[Saved data entries]
################

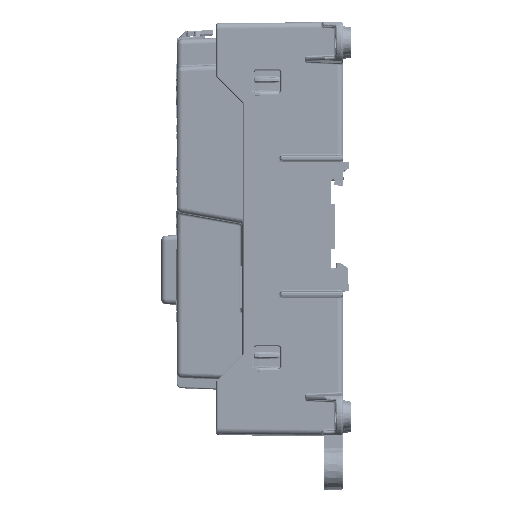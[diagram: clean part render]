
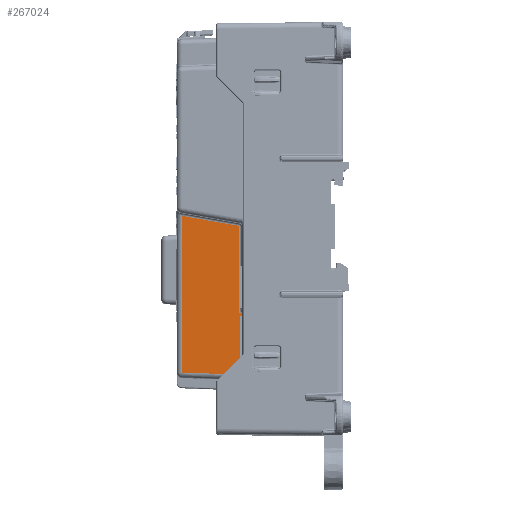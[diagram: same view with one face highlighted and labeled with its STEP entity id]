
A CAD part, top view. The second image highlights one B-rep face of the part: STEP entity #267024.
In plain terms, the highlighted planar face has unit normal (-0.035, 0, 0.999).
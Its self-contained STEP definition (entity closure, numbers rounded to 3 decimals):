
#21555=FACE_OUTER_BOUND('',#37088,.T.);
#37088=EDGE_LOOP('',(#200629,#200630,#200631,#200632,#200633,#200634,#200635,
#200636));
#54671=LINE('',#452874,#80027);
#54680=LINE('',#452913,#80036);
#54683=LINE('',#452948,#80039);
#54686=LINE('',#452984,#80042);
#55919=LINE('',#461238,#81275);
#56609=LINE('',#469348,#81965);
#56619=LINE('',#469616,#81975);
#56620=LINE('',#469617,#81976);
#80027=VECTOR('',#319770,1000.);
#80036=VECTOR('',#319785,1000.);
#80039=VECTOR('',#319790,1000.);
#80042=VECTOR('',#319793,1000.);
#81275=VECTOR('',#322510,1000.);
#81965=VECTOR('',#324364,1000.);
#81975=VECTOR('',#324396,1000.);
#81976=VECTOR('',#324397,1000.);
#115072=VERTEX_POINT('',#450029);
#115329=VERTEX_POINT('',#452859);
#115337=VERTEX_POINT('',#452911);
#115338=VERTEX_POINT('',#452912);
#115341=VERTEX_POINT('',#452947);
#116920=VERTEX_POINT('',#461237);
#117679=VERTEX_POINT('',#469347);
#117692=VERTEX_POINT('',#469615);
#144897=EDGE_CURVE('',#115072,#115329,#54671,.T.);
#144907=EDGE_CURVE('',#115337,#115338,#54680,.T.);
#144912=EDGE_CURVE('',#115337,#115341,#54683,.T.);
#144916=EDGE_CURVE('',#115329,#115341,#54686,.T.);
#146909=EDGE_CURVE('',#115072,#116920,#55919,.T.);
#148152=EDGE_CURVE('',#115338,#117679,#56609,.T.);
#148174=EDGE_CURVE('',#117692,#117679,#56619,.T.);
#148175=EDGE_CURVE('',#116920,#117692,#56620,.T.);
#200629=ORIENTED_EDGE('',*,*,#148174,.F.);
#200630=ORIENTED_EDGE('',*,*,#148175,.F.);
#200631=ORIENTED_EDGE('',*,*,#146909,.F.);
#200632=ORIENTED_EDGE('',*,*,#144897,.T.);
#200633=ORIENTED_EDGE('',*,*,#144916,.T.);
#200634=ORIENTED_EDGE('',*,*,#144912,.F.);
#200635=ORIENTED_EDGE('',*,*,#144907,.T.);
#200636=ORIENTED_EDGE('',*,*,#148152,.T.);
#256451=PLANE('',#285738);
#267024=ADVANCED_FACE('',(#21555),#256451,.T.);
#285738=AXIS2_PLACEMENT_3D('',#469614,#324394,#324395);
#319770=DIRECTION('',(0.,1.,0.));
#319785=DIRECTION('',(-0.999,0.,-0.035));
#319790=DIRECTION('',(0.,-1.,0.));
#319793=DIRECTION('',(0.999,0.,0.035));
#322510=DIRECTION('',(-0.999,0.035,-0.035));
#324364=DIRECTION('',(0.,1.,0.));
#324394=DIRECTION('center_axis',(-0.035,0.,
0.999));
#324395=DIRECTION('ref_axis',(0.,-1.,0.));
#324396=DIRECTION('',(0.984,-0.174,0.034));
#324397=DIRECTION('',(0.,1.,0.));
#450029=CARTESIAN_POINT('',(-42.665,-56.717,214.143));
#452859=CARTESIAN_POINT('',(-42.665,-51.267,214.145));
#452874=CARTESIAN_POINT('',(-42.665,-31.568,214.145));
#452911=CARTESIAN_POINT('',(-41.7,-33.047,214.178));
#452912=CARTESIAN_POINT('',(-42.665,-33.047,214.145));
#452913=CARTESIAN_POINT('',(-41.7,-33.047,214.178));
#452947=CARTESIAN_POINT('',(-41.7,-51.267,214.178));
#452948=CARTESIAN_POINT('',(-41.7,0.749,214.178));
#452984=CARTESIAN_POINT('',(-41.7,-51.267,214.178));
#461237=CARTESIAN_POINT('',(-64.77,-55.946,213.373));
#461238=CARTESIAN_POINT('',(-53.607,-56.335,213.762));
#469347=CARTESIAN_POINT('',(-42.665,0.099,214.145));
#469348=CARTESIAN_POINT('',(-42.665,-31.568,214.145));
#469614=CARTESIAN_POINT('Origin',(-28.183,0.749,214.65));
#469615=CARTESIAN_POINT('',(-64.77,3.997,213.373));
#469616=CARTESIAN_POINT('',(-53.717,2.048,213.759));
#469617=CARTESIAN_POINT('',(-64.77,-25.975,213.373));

################

What the task requires
Give back exactly the lines above starting at the line where "#115338=VERTEX_POINT('',#452912);" appears and ending at the line where "#144907=EDGE_CURVE('',#115337,#115338,#54680,.T.);" appears, both included, with no other lines.

Answer box
#115338=VERTEX_POINT('',#452912);
#115341=VERTEX_POINT('',#452947);
#116920=VERTEX_POINT('',#461237);
#117679=VERTEX_POINT('',#469347);
#117692=VERTEX_POINT('',#469615);
#144897=EDGE_CURVE('',#115072,#115329,#54671,.T.);
#144907=EDGE_CURVE('',#115337,#115338,#54680,.T.);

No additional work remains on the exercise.